Quanto al danno biologico, il CTU nominato ha rilevato, sulla base della documentazione in atti, che l'infortunio ha cagionato al ricorrente un'inabilità temporanea totale per 90 giorni e parziale per 35 giorni e lesioni permanenti, consistenti nell'amputazione di tre dita della mano sinistra, nella grave menomazione funzionale del primo dito e della residuale falange del secondo con perdita della funzione prensile, quantificate, secondo i tradizionali barèmes medico-legali in un danno del 48%. Considerato che il Consulente ha effettuato un attento esame del caso, che le sue conclusioni sono frutto di valutazioni coerenti rispetto alle premesse di fatto note e contemporaneamente prive di errori sul piano logico e su quello giuridico, il Giudice ritiene di far proprie le conclusioni rassegnate dal CTU. Ne consegue che, sulla base delle tabelle del Tribunale di Milano in uso presso questo Ufficio e considerate oramai l'unico adeguato parametro orientativo dell'equità per le liquidazioni del danno biologico (Cass., sez. III, 12408/2011), al ricorrente spetta l'importo, rispettivamente, di Euro 10.170,00 per l'inabilità temporanea totale di 90 giorni (90 x 113,00 Euro), di Euro 1.977,50 per l'inabilità temporanea parziale per 35 giorni (35 x 56,50 Euro) e di Euro 369.361,30 a titolo di ristoro della lesione permanente dell'integrità fisio psichica, del danno morale sofferto per effetto della condotta (rilevante anche penalmente) che ha colposamente determinato un sinistro particolarmente cruento e del pregiudizio sul piano relazionale che la perdita dell'uso dell'arto comporta.
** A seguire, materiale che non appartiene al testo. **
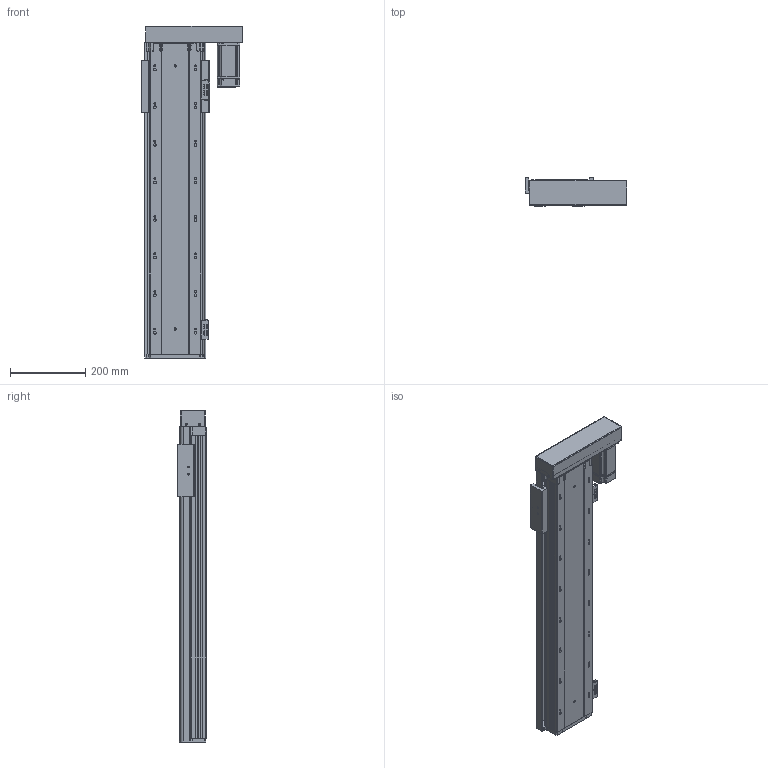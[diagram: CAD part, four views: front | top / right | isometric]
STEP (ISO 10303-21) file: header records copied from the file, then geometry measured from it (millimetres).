
FILE_DESCRIPTION (( 'STEP AP203' ), '1' );
FILE_NAME ('RY140FB-L2010-300-RK.SLDASM_600.step', '2021-02-23T02:41:02', ( '盈信电脑' ), ( '东莞市道滘镇水果街19号' ), 'SwSTEP 2.0', 'SolidWorks 2012', '' );
FILE_SCHEMA (( 'CONFIG_CONTROL_DESIGN' ));
Length unit declared in the file: millimetre
Products named in the file (17): RY140FB-L2010-300-RK.SLDASM_600; RY140-674嫖萇耀輸; RY140FB-左右折电机安装板; RY140FB-酘衵殏萇儂欶; RY140FB-覜茼え; RY140FB-300蛌殏奻裔啣-RK_600; RY140直线电机感应器674光电安装座; 覜茼ん674; 15; 侂狟400W侜督萇儂; RY140FB-20佪裝臏賑輸; RY140FB-綴裔啣; 滅袉蝶18-24; RY140FB-转折电机端支撑座(7002); 滅袉蝶18-10; RY140FB-300蛌殏倰第菁釱-RK_600
Assembly tree (20 placements, depth 3):
  RY140FB-L2010-300-RK.SLDASM_600
    RY140FB-300蛌殏倰第菁釱-RK_600
    RY140FB-綴裔啣
    滅袉蝶18-24  x2
    滅袉蝶18-10
    RY140FB-转折电机端支撑座(7002)
    侂狟400W侜督萇儂
      15
    RY140FB-20佪裝臏賑輸
    RY140FB-300蛌殏奻裔啣-RK_600
    RY140-674嫖萇耀輸
      覜茼ん674
      RY140直线电机感应器674光电安装座
    RY140-674嫖萇耀輸
      覜茼ん674  x2
      RY140直线电机感应器674光电安装座
    RY140FB-覜茼え
    RY140FB-左右折电机安装板
    RY140FB-酘衵殏萇儂欶
Bounding box: 271.3 x 75 x 883.2 mm (x, y, z)
Volume: 3712945 mm3; surface area: 1222776.3 mm2
Topology: 17 solids, 17 shells, 1782 faces, 4875 edges, 3101 vertices
Faces by surface type: cylinder 865, plane 723, cone 166, bspline 28
Entity records: 53669 total; most frequent: CARTESIAN_POINT 10785, DIRECTION 8712, ORIENTED_EDGE 8466, EDGE_CURVE 4233, AXIS2_PLACEMENT_3D 3148, VERTEX_POINT 2769, VECTOR 2416, LINE 2416

Alla cifra indicata si perviene effettuando un aumento del 10% (rispetto al massimo del 25% consentito dal sistema tabellare in caso di peculiarità da valorizzare sul piano areddituale e morale) della somma-base di Euro 335.783,00 indicata dalle tabelle di Milano 2011 in relazione al valore-punto di 48 per un uomo che all'epoca dei fatti aveva 36 anni.

Alla luce delle considerazioni precedenti, la convenuta va, dunque, condannata a corrispondere al ricorrente l'importo complessivo di Euro 381.508,80; trattandosi di debito di valore, alla sorte indicata andranno aggiunti gli interessi legali sulla somma indicata, riportata al valore del 1999 e via via rivalutata in base al tasso di inflazione.

Le spese di lite seguono la soccombenza e vengono liquidate in dispositivo tenendo conto degli incombenti effettivamente disimpegnati e dell'entità dell'impegno professionale richiesto dalla controversia ai sensi del D.M. Giustizia 140/2012, fonte integralmente applicabile, dopo l'abrogazione del sistema tariffario sancita dall'art. 9 della L. n. 27 del 2012, a tutte le controversie in cui l'attività professionale non sia esaurita al momento dell'entrata in vigore della stessa (23.8.2012). Gravano sulla convenuta anche gli oneri di CTU liquidati con separato decreto.

P.Q.M.


definitivamente pronunciando:

- dichiara la convenuta civilmente responsabile dell'infortunio sul lavoro occorso al ricorrènte in data 6.9.1999 e, per l'effetto, condanna la prima a corrispondere al secondo, per i titoli indicati in motivazione, la somma di Euro 381.508,80 oltre interessi legali sulla sorte via via rivalutata a partire dal valore della data dell'infortunio e sino al saldo;

- condanna la convenuta a rifondere al ricorrente le spese di lite, nell'ammontare che qui si liquida in Euro 5.500,00 per compenso professionale, oltre IVA e CAP come per legge;

- pone gli oneri di CTU liquidati con separato decreto a carico della convenuta.